# Web Site Problem



## mavadakin (Dec 22, 2007)

Im A 2 Finger Typer..sometimes It Takes Me A Long Time To Type Out A Detailed Message.. When Im Finished I Find Out  First I Have To Relog In..then I Find Out My Mesasage Has To Be Retyped.. Then After Doing That Agian I Find Out That I Cant Put Up My Post.. My Next Long Effort Of Typing Im Going To Type It Out And Do A Copy And Paste..  Question Has Anyone Else Had This Problem??  My First Thought Is There Is A Time Limit To Lenght Of Time Inactive... Ron50  Just Informed Me There Is A 5000 Letter Limit..but I Cant Believe I Typed That Many Letters Lol....so Any Thoughts Out There ..mike


----------



## ba_loko (Dec 22, 2007)

Mike, you might be able to save quite a bit of time by not capitalizing every word in a sentence.  No offense intended, just a thought.  I haven't experienced your problem, btw.  Things seem to go quite smoothly here.


----------



## pigcicles (Dec 23, 2007)

Mike check your privacy settings. They may be too high causing your problem.


----------



## meowey (Dec 23, 2007)

Sounds like something is timing out.  Are you using dial-up inernet?

Hope this helps.

Take care, have fun, and do good!

Regards,

Meowey


----------



## flash (Dec 23, 2007)

I am on dial up still. No problem here with time outs, but I am a fairly quick typist.


----------



## mavadakin (Dec 23, 2007)

..and Yes Pigcircles I Have Checked My Setting....i Have This Problem Before With Other Sites.. And Being A 2 Finger Typer...im Going To Copy And Paste From Here On...this Forum Has A Time Limit To Activity..tulsa Jeff ..contact Your Designer And Check This Out..we Need To Know How Long This Timing Action Takes..30 Mins Or 60 Mins..i Have A Friend At Mit Now ..saying He Checked This Site Out..just Because Of My Questions..thinks The Programmer Made An Error.. Or Didnt Realize The Lenght Of Time Factor..this Happens...if You Are Typing A Long Post ..use Copy And Save..then Paste  Later...just Stay Under 5000 Letters....untill Tulsa Jeff Replies....keep Your Posts To Under 20 Mins Typing..


----------



## ba_loko (Dec 23, 2007)

20 minutes to type a reply?  WOW!  I guess I'm lucky.  Mine don't take quite that long.  Mike, good luck on a resolution to your issue.  I hope you get it figured out.


----------



## mavadakin (Dec 23, 2007)

Im Just Doing What Im Hearing..a Timing Issue Has Been Around For A Long Time.. Its In The Hands Of Tulsa Jeff Right Now To Supply The Answer..untill Then Use My Approch..copy And Then Past To Any Posts You Make Over 20 Mins..probably Can Go 30 Mins  But Agian Why  Learn The Hard Way Like I Did....mike


----------



## mavadakin (Dec 23, 2007)

ACTUALY I LIKE TYPING IN CAPS..IOTS EASIER TO READ..AND AS SOME SAY IM YELLING... NO I DONT YELL   JUST A SECRET IM NOT TALKING ABOUT..MODS KNOW  PLUS WHAT RITCHTEE SAYS  EASIER TO READ THANK YOU FOR YOUR CONCERNS ..MIKE


----------



## ba_loko (Dec 23, 2007)

I'm glad it's easier for you.  It certainly isn't for me!


----------



## ultramag (Dec 23, 2007)

Never had a timeout problem here due to SMF. I do know that if it was over 5000 character post problem that a warning box would pop up and you could go back and take care of that. I had this come up just a couple days ago in a PM about the 2008 gathering. So, that is most likely not your problem. Also, as mentioned above if you submit a reply and have lost your internet connection your text is lost.

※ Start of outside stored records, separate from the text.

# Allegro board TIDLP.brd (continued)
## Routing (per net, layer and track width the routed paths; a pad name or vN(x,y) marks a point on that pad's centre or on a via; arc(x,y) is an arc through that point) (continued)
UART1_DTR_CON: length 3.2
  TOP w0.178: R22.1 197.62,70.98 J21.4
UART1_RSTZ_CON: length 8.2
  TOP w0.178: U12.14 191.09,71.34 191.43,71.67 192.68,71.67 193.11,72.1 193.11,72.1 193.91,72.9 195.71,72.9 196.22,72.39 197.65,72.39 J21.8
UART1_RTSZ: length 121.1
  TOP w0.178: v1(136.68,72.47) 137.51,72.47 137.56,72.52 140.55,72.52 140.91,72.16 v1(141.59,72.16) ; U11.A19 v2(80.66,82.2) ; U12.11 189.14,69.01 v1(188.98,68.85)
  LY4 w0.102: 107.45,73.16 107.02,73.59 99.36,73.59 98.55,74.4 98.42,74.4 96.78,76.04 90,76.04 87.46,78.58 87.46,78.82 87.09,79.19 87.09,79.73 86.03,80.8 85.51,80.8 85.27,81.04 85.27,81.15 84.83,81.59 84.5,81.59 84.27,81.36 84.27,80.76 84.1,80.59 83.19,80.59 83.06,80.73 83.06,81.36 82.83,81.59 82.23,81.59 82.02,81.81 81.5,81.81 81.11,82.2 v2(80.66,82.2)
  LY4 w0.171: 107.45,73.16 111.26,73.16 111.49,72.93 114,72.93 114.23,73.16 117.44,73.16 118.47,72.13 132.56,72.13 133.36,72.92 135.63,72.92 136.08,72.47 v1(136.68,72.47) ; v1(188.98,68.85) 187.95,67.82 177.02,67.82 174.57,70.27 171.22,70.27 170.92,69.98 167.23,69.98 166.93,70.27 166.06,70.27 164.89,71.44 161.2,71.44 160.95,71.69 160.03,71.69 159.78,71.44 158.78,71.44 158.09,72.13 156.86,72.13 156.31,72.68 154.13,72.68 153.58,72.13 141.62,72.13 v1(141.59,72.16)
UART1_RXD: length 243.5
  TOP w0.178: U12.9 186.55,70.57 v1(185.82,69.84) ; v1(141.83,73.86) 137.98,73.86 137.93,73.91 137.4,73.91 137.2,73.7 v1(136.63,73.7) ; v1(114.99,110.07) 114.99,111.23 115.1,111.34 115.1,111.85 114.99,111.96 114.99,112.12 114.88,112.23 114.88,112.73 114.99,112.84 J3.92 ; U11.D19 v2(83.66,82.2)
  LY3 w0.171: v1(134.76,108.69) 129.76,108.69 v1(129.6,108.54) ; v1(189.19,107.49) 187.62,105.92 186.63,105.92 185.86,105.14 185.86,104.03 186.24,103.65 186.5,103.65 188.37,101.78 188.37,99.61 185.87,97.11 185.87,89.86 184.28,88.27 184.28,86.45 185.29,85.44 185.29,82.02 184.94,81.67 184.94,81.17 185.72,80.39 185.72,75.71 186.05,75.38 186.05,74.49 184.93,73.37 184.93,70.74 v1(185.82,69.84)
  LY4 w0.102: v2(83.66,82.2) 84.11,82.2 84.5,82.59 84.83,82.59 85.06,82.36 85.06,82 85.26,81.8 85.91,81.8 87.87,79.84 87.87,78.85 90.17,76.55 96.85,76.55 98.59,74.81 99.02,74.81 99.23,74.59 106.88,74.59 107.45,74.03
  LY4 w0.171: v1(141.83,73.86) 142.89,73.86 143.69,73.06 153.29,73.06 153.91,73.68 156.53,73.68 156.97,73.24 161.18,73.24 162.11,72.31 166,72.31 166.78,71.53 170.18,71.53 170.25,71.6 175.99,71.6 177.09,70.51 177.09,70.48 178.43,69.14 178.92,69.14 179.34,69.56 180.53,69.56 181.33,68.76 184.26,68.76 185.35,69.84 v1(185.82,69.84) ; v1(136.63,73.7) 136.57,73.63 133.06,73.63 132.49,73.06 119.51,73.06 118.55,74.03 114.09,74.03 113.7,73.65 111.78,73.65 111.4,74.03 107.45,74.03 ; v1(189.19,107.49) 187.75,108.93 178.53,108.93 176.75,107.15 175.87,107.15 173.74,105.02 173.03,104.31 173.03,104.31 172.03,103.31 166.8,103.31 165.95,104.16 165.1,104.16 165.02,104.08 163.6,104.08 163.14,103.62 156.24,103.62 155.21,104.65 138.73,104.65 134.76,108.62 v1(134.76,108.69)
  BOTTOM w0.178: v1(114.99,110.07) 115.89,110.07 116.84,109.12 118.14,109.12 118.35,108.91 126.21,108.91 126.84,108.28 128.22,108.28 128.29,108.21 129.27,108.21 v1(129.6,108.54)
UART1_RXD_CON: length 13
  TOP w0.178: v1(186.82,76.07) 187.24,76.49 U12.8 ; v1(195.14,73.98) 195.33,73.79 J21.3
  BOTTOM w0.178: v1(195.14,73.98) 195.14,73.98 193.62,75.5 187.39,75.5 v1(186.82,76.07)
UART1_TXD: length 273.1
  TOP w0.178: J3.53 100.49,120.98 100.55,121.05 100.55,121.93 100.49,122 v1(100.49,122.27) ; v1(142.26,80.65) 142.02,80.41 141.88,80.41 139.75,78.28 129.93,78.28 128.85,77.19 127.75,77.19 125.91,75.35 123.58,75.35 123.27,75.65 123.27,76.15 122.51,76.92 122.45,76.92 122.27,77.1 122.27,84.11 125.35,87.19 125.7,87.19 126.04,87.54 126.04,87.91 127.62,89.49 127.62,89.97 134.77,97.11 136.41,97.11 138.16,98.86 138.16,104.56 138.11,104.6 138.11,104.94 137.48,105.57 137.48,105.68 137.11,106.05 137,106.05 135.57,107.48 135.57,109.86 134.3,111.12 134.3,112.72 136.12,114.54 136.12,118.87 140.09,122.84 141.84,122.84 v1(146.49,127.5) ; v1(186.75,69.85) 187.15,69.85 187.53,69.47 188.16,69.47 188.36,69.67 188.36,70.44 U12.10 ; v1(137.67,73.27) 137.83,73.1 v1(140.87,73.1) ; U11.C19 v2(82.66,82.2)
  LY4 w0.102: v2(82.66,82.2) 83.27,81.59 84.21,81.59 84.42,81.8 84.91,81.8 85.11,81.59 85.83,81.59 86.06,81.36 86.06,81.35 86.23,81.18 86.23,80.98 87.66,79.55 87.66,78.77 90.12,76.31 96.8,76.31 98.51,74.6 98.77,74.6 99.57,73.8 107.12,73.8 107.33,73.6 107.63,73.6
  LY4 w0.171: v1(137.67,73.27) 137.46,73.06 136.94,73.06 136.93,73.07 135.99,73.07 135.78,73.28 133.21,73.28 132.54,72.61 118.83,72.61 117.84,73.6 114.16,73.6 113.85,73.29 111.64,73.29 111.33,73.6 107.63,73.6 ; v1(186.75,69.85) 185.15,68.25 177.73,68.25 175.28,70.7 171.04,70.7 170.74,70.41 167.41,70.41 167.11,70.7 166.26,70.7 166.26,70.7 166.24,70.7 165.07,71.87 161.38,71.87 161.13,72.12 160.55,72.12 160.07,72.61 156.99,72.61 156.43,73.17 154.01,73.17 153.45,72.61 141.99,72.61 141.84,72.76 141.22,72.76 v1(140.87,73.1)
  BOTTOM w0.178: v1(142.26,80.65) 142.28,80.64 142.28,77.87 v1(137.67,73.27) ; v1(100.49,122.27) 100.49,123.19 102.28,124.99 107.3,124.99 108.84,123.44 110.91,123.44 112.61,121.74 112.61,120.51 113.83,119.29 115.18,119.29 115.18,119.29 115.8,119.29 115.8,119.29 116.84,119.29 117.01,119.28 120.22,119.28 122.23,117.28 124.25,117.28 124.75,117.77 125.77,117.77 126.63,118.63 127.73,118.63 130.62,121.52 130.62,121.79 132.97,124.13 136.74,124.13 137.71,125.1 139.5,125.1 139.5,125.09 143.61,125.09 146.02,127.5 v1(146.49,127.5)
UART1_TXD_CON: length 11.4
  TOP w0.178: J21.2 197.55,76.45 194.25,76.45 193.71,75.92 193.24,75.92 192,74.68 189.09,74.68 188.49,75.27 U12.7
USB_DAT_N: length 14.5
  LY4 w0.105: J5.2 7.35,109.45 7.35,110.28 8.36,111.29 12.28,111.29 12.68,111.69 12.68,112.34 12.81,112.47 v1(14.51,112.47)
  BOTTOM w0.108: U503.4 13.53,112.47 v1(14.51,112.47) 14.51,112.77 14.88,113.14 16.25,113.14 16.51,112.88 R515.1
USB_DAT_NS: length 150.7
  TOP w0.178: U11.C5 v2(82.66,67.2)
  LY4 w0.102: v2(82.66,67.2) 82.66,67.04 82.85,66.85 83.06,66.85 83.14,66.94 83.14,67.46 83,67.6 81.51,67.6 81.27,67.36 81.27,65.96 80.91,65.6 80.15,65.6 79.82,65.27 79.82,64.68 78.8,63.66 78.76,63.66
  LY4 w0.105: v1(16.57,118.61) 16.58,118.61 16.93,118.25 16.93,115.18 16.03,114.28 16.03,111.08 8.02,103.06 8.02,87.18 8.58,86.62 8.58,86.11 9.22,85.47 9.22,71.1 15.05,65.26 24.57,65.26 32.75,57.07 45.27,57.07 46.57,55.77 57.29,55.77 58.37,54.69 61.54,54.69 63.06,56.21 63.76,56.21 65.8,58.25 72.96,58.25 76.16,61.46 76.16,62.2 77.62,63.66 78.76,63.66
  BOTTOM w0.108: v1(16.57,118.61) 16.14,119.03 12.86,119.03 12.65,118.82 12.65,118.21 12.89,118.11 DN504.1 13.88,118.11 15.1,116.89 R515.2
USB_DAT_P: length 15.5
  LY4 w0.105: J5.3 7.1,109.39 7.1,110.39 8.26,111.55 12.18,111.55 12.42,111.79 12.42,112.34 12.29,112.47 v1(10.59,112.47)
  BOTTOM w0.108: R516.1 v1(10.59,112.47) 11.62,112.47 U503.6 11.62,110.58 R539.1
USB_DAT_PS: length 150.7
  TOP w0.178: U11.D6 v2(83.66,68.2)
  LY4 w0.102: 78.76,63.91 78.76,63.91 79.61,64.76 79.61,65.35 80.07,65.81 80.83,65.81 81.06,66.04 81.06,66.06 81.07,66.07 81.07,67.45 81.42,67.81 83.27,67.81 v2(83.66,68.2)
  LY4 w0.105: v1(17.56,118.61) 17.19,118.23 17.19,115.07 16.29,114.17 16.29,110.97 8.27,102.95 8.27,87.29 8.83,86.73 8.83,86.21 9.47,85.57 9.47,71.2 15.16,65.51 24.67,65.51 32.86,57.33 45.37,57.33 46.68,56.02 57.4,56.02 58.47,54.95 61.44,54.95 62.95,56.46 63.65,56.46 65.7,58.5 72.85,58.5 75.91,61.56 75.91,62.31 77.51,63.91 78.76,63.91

BTW, I can tell your mind is made up, but all caps is considered very rude in the world of internet forums. It is however a free country for a while still. Hope ya get it figured out.


----------



## mavadakin (Dec 23, 2007)

MY OLDEST DAUGHTER TOLD ME TO LOCK MY CAPS FOR PASSWORDS ETC..MAKES IT HARDER FOR PEOPLE TO STEAL THEM..AND TYPING IN CAPS IS EASIER TO READ.. SORRY IM NOT YELLING ..ITS JUST LITTLE OLD ME.. MIKE


----------



## pigcicles (Dec 23, 2007)

Start time 20:22 

Submit time 21:05


----------



## ultramag (Dec 23, 2007)

Now there's an idea. I always new you were smart. Did you go to MIT???


----------



## ba_loko (Dec 23, 2007)

Do you suppose there's a reason that interoffice memo's, or ANY kind of mailing isn't sent with all caps?  Dang, you're right and I just need to adjust, Mike.


----------



## mavadakin (Dec 23, 2007)

To Many Chatroom Junkies Here Really..cap Lock .better Not Waste Time Thinking..is For You Chat Room  Junkies..end Of Story..im Terying To Talk About A Problem With This Site..got 2 Moderaters Alread Testing..   Ya Think Im Yelling .. !!!!!!!!!!!!!!!! Ok I Am Now!!!!!!!!!!!!!!!!!!! Pull Your Head Out Of The Chatroom..end Of Story.......done.........wake Your Butts Up


----------



## stlouisstylebbq (Dec 23, 2007)

I tried to post from work and got a double post.  Then I tried to introduce myself.  I typed the message and then it logged me out.  Hope this post works.


----------



## flash (Dec 23, 2007)

Well, I am glad to know this now. No telling how many 5000 word post have been lost to slow typing


----------



## pigcicles (Dec 23, 2007)

Here's the deal gang:

I'm sure Jeff has seen this thread and is checking his settings. If there is a need to change something.. He will change it.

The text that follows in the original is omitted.